• _Your objective_: Exactly the lines from the beginning of the records below through the line with "doc.units = 0" must be given again, without pictures.

(Dataset entries)

* * * * * * *

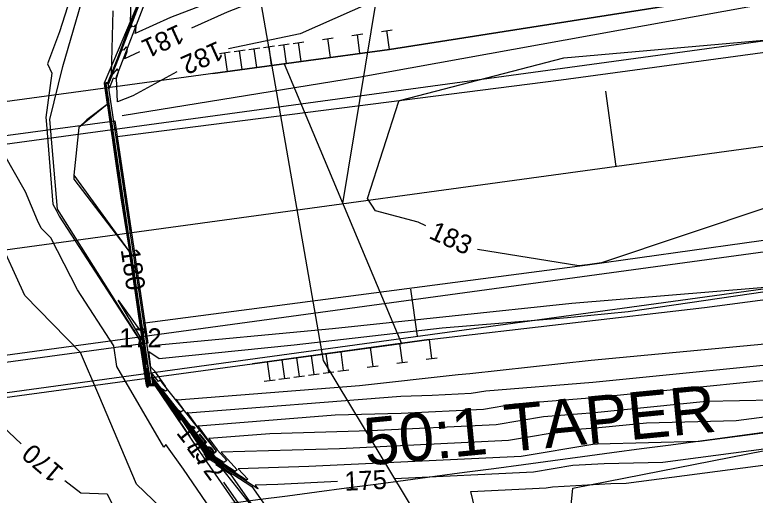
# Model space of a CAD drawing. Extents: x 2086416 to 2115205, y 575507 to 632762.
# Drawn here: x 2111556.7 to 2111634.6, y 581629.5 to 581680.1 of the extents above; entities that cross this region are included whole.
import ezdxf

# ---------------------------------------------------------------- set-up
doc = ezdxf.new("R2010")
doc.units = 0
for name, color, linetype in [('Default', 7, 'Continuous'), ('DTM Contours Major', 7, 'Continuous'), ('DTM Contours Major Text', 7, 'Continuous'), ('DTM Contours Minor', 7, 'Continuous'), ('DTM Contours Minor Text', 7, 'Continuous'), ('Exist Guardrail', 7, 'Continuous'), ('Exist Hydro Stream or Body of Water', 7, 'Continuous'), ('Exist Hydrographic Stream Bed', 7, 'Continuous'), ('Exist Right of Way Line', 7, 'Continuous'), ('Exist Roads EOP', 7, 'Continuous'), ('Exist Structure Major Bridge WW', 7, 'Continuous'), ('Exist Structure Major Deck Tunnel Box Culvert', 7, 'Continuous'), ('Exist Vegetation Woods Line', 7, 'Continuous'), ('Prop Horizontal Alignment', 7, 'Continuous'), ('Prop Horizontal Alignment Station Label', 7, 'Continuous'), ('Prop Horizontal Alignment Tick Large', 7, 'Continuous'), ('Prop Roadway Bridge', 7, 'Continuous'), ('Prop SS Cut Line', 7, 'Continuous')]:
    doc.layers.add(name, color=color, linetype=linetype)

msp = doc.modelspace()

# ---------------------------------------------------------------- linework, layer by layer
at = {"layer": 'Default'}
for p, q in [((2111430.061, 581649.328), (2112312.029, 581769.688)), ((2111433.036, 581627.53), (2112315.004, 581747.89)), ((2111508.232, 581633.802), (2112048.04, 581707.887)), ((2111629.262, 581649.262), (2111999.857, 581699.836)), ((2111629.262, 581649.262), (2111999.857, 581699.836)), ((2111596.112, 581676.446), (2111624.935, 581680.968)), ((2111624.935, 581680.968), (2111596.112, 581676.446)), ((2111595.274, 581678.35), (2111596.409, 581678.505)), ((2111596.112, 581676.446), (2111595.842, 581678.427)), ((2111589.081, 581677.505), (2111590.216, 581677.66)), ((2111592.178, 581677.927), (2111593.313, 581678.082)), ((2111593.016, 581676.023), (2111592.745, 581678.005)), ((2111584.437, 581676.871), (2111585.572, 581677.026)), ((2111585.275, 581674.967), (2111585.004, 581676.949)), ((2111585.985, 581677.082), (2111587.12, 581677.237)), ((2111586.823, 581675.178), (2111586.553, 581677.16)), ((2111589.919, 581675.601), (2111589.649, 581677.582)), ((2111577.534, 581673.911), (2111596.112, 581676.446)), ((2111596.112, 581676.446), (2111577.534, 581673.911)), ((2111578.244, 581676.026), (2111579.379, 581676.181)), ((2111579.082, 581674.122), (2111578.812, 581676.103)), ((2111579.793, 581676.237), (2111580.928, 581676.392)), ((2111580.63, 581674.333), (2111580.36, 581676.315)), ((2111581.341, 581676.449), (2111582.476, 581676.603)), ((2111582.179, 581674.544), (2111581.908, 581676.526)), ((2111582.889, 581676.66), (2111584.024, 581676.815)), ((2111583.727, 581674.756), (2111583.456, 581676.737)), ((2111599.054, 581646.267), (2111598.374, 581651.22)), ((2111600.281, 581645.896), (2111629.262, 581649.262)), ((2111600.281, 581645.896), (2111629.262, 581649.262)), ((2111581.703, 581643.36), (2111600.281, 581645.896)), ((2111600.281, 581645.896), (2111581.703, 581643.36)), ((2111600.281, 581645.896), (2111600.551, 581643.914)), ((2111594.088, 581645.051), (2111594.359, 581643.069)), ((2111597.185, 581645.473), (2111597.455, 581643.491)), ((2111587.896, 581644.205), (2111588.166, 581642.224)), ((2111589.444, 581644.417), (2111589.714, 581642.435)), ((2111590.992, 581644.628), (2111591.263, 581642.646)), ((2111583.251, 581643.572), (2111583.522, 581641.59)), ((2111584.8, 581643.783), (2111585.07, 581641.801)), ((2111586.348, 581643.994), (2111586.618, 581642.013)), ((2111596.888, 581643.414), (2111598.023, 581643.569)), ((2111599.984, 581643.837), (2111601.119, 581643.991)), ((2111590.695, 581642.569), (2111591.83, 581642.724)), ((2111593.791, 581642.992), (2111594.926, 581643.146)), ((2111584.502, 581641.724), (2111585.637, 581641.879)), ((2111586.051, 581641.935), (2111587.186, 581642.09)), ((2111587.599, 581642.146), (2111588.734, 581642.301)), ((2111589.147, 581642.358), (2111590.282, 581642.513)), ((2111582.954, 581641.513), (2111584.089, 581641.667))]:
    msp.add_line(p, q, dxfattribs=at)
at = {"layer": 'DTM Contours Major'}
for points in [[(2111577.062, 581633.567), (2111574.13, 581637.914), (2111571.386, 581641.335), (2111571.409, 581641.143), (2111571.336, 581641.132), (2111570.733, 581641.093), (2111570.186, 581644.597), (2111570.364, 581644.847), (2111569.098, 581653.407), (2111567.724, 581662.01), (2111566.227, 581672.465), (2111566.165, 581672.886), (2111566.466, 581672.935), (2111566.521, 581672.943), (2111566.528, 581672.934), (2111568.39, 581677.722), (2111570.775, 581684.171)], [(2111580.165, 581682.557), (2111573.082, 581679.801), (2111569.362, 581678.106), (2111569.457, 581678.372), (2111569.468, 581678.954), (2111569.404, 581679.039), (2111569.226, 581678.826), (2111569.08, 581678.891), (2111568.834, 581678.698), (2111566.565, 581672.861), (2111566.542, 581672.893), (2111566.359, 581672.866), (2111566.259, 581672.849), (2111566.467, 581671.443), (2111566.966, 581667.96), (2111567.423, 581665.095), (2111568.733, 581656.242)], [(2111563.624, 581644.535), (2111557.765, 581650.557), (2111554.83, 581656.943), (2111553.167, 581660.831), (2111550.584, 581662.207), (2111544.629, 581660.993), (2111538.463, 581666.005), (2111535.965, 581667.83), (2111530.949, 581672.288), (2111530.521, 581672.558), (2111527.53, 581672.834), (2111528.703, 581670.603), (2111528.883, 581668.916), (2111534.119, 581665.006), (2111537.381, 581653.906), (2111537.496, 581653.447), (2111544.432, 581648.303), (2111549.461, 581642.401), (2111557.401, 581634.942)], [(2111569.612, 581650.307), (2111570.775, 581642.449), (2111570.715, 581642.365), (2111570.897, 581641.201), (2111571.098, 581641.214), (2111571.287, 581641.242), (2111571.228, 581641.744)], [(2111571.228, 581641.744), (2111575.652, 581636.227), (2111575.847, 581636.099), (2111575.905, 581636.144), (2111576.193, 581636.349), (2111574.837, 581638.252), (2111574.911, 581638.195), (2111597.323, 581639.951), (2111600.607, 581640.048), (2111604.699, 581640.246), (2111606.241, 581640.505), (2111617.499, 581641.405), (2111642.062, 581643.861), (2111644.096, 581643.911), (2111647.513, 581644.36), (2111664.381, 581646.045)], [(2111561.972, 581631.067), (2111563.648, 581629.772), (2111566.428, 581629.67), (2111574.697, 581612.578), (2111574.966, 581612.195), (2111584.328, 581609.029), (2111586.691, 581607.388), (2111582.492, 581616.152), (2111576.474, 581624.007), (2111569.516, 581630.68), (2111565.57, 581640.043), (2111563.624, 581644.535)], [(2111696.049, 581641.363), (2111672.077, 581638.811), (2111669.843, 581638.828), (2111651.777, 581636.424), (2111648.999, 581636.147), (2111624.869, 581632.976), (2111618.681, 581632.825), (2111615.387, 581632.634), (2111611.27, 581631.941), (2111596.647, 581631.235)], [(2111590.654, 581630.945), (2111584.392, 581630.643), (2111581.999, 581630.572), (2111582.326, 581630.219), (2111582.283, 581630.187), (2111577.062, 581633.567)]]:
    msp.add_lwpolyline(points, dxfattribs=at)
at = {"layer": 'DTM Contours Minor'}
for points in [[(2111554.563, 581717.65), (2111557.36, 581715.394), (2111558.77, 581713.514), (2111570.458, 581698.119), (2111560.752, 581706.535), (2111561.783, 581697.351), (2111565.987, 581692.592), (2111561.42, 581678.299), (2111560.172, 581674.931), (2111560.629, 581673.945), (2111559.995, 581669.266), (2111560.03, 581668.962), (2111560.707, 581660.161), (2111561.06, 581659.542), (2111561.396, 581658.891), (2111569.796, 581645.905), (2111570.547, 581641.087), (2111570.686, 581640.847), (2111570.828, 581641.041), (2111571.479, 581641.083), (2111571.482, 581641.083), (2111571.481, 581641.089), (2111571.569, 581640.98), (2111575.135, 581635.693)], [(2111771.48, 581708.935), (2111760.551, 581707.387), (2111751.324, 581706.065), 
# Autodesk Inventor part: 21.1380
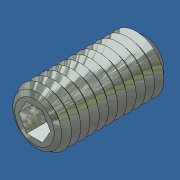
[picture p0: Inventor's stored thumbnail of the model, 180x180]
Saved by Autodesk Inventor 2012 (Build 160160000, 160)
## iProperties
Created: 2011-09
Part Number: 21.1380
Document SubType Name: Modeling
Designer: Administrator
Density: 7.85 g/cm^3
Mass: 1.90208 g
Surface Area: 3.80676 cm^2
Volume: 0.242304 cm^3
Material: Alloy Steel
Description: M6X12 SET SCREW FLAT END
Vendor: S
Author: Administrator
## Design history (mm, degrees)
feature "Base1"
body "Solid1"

* * * * * * *

• _Answer for the task_:
# Model space of a CAD drawing. Extents: x 2086416 to 2115205, y 575507 to 632762.
# Drawn here: x 2111556.7 to 2111634.6, y 581629.5 to 581680.1 of the extents above; entities that cross this region are included whole.
import ezdxf

# ---------------------------------------------------------------- set-up
doc = ezdxf.new("R2010")
doc.units = 0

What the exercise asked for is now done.